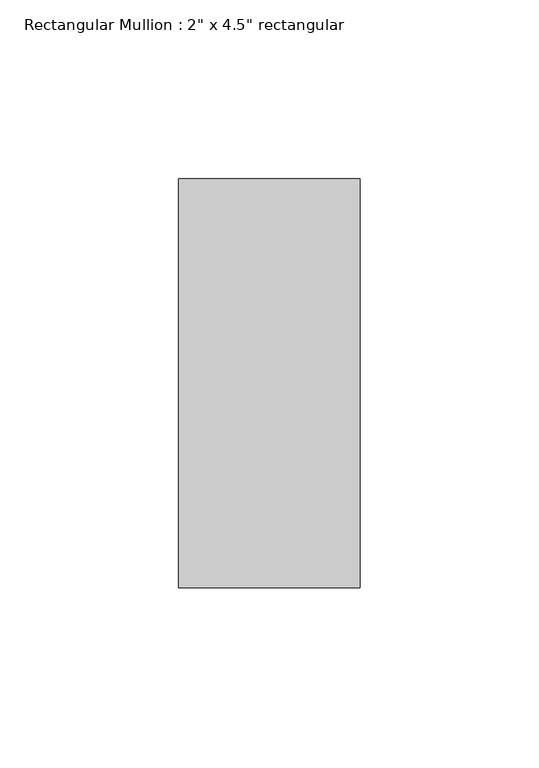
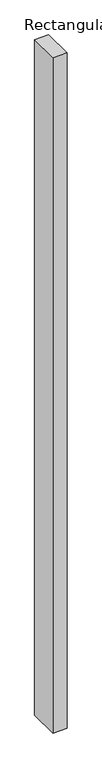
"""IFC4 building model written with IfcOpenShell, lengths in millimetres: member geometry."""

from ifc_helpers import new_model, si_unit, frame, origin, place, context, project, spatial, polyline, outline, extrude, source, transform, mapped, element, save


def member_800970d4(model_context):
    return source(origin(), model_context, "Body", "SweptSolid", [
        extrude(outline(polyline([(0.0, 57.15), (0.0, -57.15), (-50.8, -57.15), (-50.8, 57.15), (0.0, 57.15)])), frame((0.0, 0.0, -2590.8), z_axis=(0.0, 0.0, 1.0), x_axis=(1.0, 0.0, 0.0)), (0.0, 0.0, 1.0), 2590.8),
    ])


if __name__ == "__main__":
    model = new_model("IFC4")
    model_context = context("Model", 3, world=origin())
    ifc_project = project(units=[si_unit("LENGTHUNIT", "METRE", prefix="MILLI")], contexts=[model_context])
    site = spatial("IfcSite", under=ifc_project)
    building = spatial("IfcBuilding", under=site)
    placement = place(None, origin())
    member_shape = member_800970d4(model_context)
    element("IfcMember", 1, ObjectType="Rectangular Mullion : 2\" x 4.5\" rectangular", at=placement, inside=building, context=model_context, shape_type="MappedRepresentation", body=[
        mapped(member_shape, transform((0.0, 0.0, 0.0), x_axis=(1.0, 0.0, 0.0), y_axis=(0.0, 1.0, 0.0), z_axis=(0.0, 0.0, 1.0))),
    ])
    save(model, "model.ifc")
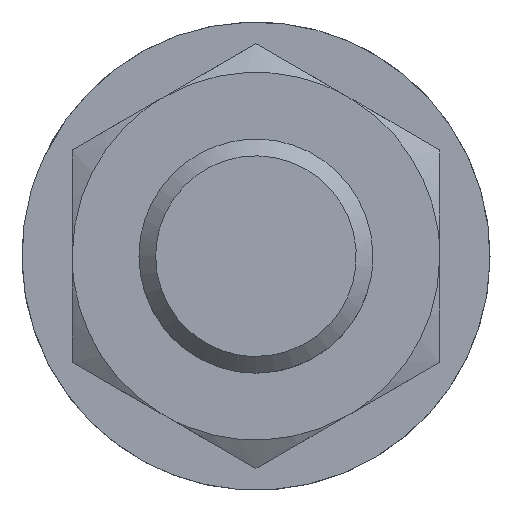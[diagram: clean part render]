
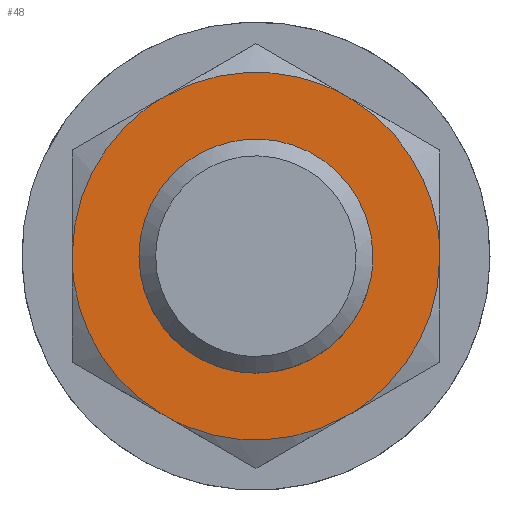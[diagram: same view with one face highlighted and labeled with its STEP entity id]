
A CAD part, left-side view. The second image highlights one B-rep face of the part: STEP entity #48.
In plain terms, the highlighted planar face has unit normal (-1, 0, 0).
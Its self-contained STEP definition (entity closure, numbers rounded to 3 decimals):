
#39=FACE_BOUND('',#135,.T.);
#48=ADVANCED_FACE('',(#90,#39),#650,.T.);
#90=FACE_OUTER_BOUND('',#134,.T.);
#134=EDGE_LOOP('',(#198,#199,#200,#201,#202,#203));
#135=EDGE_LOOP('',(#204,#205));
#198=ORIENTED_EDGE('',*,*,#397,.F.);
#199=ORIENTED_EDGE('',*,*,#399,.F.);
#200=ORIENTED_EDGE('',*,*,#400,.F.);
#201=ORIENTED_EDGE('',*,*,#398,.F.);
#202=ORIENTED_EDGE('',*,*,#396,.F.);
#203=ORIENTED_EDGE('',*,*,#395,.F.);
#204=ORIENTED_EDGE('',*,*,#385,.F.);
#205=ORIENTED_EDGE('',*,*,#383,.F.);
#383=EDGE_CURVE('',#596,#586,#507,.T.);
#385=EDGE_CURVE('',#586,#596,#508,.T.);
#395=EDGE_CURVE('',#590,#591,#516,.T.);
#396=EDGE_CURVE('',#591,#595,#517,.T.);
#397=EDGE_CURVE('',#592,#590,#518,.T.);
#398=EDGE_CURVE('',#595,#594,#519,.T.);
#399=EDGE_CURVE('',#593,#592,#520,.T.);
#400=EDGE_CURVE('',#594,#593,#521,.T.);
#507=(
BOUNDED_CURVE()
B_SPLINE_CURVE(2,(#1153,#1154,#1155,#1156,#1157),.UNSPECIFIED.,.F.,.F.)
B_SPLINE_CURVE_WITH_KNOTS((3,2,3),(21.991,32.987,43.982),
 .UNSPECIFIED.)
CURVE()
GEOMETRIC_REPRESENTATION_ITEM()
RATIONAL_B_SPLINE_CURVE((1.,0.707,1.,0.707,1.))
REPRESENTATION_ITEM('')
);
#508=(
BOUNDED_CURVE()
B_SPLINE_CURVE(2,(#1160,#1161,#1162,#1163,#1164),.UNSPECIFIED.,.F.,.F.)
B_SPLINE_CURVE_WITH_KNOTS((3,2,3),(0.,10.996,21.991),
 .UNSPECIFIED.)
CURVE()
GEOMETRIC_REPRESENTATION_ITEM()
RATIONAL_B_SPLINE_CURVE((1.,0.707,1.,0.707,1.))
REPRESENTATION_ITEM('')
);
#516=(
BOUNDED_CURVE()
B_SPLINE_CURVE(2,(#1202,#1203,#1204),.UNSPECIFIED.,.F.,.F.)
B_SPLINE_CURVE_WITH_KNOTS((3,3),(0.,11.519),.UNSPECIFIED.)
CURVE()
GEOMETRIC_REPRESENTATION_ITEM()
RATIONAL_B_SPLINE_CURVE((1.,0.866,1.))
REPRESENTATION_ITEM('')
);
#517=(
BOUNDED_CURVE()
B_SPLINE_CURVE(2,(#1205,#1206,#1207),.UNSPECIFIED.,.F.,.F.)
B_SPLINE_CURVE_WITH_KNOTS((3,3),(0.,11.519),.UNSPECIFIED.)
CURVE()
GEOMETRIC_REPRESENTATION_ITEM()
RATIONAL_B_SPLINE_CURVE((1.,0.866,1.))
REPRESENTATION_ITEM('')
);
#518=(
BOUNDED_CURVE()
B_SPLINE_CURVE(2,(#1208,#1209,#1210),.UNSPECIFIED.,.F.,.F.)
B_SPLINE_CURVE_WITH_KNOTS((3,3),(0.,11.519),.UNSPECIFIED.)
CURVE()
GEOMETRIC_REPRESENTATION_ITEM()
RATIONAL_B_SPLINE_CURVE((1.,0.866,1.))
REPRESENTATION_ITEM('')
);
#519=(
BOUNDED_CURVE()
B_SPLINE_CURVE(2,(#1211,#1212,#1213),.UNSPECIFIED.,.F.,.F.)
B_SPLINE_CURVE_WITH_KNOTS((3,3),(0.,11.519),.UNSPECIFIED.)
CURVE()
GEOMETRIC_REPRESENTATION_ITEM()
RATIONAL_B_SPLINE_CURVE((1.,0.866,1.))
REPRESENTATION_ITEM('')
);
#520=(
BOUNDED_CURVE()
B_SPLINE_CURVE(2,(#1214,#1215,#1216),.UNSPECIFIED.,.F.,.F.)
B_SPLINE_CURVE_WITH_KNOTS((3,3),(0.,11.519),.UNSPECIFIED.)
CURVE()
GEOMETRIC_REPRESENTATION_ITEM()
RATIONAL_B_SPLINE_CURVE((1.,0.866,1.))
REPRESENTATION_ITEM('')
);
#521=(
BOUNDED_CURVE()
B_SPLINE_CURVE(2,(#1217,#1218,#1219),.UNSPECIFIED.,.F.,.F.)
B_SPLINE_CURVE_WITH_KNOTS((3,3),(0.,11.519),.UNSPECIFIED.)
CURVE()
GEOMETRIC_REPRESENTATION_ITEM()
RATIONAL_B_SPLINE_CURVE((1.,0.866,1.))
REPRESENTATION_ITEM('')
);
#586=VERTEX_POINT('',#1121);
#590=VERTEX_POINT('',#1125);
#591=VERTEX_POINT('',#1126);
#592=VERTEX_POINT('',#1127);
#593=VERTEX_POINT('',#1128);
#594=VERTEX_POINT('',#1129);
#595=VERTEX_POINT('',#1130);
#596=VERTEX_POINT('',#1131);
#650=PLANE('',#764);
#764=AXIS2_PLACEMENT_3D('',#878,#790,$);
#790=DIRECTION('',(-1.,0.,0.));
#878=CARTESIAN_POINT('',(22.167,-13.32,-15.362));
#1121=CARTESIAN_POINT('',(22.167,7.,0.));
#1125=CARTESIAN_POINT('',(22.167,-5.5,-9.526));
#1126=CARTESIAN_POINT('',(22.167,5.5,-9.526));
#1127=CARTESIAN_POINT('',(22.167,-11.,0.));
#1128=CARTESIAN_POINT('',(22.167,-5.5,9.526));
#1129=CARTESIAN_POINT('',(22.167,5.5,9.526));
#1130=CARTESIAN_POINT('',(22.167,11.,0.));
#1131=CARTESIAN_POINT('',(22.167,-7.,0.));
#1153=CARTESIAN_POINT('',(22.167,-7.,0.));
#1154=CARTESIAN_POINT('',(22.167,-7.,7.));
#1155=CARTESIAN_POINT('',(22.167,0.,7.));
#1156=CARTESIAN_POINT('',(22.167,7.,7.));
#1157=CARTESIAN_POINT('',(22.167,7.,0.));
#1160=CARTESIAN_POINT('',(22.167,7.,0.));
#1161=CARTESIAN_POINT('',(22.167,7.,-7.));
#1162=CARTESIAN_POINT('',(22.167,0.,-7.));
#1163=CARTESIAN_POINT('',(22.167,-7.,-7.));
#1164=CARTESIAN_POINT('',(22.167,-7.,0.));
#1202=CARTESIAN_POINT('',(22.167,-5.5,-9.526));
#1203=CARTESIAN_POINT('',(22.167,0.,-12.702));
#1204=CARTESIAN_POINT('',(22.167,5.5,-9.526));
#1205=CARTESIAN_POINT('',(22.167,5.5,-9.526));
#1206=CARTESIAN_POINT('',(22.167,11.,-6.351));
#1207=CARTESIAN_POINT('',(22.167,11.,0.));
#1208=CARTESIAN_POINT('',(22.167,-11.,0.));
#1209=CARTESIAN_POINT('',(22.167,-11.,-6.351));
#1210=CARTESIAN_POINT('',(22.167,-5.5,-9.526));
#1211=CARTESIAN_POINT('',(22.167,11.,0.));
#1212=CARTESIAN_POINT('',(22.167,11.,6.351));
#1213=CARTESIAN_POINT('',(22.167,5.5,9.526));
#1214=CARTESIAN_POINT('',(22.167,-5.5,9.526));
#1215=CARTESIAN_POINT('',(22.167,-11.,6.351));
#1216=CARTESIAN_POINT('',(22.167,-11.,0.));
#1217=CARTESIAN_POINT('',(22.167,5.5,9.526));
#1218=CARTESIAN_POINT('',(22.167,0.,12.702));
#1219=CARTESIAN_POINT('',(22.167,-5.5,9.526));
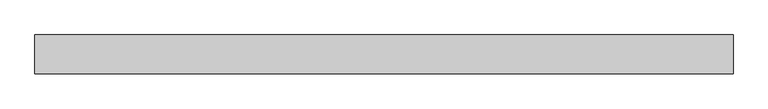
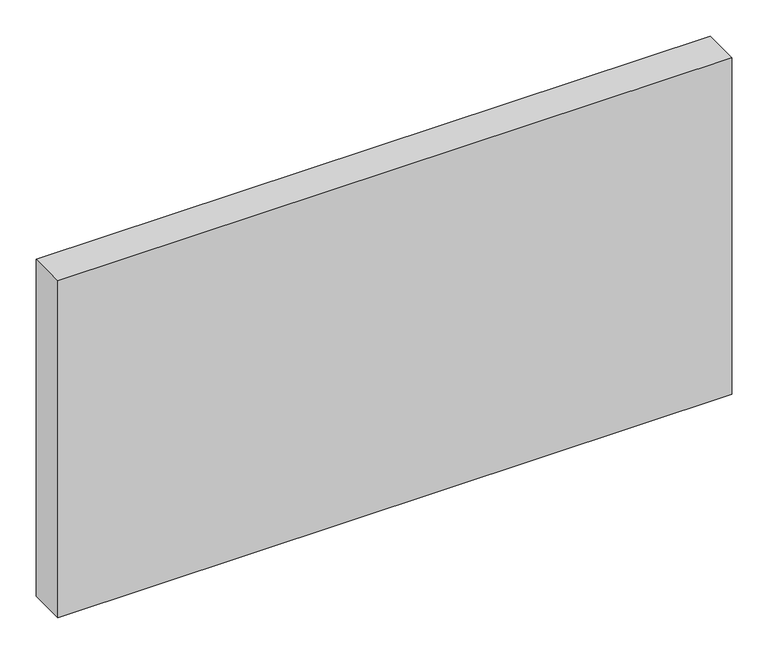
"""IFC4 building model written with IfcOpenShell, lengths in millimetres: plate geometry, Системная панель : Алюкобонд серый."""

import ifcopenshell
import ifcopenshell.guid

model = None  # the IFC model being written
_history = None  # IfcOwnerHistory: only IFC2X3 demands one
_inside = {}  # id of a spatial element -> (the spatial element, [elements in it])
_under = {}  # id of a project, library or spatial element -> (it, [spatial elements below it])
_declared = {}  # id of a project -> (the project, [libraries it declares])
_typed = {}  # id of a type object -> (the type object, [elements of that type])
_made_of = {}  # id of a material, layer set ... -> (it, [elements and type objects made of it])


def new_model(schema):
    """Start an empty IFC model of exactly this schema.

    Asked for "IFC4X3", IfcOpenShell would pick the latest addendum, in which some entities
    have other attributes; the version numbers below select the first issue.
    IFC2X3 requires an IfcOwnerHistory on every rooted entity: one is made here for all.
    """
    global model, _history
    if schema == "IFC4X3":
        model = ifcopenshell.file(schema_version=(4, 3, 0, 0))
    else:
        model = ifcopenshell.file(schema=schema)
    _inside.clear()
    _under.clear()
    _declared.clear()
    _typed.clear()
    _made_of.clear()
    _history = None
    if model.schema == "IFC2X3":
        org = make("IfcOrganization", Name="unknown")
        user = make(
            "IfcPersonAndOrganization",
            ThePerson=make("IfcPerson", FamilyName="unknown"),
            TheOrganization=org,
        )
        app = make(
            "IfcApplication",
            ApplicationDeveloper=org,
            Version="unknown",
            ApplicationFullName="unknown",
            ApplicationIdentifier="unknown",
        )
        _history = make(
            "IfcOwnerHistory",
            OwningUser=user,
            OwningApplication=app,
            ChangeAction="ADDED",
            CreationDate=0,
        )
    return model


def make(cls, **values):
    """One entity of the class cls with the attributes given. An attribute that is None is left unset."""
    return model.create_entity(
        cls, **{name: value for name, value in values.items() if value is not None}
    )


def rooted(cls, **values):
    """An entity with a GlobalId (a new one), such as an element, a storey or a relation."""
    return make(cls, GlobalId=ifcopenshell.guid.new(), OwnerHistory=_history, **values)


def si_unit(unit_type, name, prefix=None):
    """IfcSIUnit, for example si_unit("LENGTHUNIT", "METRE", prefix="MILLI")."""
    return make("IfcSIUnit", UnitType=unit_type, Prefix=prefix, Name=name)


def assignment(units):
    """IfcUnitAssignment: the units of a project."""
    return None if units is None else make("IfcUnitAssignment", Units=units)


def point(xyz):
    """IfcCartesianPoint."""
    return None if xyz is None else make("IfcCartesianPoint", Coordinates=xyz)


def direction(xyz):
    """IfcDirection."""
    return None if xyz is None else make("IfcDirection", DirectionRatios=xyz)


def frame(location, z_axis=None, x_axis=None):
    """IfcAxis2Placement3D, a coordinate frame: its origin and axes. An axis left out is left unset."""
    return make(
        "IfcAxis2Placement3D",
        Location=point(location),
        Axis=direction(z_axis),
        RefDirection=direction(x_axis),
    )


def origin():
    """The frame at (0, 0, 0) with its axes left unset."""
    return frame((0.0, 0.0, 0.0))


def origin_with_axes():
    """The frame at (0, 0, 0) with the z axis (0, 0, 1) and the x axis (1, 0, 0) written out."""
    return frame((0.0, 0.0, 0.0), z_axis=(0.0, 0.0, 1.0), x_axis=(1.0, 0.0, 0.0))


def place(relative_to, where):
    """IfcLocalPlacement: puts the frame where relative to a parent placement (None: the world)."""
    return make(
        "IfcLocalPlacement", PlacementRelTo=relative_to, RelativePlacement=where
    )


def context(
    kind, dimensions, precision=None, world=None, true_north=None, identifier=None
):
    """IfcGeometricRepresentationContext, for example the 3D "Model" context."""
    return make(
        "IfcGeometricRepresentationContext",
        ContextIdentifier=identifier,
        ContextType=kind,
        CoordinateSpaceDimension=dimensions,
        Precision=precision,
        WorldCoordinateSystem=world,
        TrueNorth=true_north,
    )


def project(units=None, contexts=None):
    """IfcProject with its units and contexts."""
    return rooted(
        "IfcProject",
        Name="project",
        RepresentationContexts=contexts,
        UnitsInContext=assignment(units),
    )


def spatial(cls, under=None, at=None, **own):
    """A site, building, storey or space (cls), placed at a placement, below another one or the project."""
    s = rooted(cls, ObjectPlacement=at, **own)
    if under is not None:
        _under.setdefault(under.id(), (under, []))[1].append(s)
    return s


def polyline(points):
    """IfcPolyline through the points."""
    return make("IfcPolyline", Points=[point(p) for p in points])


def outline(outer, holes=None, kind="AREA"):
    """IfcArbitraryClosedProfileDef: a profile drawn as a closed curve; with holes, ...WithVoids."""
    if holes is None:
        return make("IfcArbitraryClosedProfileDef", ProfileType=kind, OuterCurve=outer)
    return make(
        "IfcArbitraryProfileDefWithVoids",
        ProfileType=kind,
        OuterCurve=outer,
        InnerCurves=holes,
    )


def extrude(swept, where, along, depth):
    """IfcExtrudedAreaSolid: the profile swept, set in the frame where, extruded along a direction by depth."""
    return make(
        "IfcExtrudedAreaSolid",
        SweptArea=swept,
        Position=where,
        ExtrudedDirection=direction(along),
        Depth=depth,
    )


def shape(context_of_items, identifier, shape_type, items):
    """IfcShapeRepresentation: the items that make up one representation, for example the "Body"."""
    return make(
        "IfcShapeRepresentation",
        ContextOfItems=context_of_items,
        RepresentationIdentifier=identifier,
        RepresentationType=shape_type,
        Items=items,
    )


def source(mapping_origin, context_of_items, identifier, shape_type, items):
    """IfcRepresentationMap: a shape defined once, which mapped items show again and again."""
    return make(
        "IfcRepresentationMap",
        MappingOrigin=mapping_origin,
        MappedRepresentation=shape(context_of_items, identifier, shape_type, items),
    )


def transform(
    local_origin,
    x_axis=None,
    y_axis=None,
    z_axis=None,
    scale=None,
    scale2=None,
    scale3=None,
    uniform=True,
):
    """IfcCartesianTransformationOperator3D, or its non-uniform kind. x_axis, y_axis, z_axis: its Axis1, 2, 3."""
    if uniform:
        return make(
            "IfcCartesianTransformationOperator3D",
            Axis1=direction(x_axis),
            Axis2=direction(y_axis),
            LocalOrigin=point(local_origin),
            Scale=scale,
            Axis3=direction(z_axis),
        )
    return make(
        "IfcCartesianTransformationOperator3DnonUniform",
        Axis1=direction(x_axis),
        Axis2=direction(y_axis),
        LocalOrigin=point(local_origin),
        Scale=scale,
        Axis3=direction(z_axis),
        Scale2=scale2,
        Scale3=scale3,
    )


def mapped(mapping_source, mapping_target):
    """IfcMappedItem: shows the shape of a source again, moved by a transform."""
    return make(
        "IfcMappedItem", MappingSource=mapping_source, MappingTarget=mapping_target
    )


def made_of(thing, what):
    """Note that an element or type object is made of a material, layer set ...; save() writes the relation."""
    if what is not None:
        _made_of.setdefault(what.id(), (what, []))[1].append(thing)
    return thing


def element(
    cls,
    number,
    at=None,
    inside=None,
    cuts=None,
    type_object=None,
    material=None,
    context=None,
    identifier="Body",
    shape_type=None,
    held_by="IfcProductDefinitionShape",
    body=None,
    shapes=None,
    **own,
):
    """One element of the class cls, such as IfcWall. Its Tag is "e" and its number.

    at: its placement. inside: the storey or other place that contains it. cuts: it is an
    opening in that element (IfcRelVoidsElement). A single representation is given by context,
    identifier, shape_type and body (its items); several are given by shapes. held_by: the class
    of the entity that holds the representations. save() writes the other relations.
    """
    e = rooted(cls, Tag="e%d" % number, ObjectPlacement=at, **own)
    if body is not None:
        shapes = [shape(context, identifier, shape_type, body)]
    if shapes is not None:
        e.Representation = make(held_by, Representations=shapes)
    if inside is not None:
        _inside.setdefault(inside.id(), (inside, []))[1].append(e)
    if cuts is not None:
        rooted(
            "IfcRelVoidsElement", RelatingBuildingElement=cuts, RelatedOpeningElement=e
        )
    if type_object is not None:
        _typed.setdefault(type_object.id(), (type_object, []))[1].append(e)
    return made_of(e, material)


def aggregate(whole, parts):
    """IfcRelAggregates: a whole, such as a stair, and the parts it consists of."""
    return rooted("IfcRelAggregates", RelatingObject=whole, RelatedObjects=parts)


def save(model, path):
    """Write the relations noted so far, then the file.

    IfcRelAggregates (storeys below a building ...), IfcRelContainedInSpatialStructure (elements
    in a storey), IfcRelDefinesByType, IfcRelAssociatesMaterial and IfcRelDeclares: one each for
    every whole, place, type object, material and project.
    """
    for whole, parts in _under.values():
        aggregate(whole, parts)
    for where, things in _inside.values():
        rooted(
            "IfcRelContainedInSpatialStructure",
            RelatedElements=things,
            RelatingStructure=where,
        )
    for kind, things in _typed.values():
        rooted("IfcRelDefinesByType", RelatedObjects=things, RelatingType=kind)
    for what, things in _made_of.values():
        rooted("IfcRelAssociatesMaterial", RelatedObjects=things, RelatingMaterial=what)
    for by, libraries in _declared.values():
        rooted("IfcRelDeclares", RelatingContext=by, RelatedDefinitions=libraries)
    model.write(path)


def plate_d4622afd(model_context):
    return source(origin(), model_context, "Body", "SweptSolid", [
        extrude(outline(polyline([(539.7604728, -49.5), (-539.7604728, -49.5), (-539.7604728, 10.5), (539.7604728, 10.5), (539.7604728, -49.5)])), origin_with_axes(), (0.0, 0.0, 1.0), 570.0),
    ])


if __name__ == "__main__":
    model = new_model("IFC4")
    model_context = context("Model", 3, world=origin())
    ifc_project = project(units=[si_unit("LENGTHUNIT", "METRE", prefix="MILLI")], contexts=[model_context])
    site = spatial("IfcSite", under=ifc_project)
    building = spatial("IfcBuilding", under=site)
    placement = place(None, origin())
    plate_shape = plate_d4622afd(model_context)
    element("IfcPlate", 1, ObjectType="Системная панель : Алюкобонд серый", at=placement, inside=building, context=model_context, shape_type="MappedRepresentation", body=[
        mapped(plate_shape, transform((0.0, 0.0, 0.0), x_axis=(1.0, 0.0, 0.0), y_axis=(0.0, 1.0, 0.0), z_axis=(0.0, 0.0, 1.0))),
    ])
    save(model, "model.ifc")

****

> [Exercise directions] Copy all lines from the listing that contain "units".

> [Exercise result]
    ifc_project = project(units=[si_unit("LENGTHUNIT", "METRE", prefix="MILLI")], contexts=[model_context])
def assignment(units):
    """IfcUnitAssignment: the units of a project."""
    return None if units is None else make("IfcUnitAssignment", Units=units)
def project(units=None, contexts=None):
    """IfcProject with its units and contexts."""
        UnitsInContext=assignment(units),
    ifc_project = project(units=[si_unit("LENGTHUNIT", "METRE", prefix="MILLI")], contexts=[model_context])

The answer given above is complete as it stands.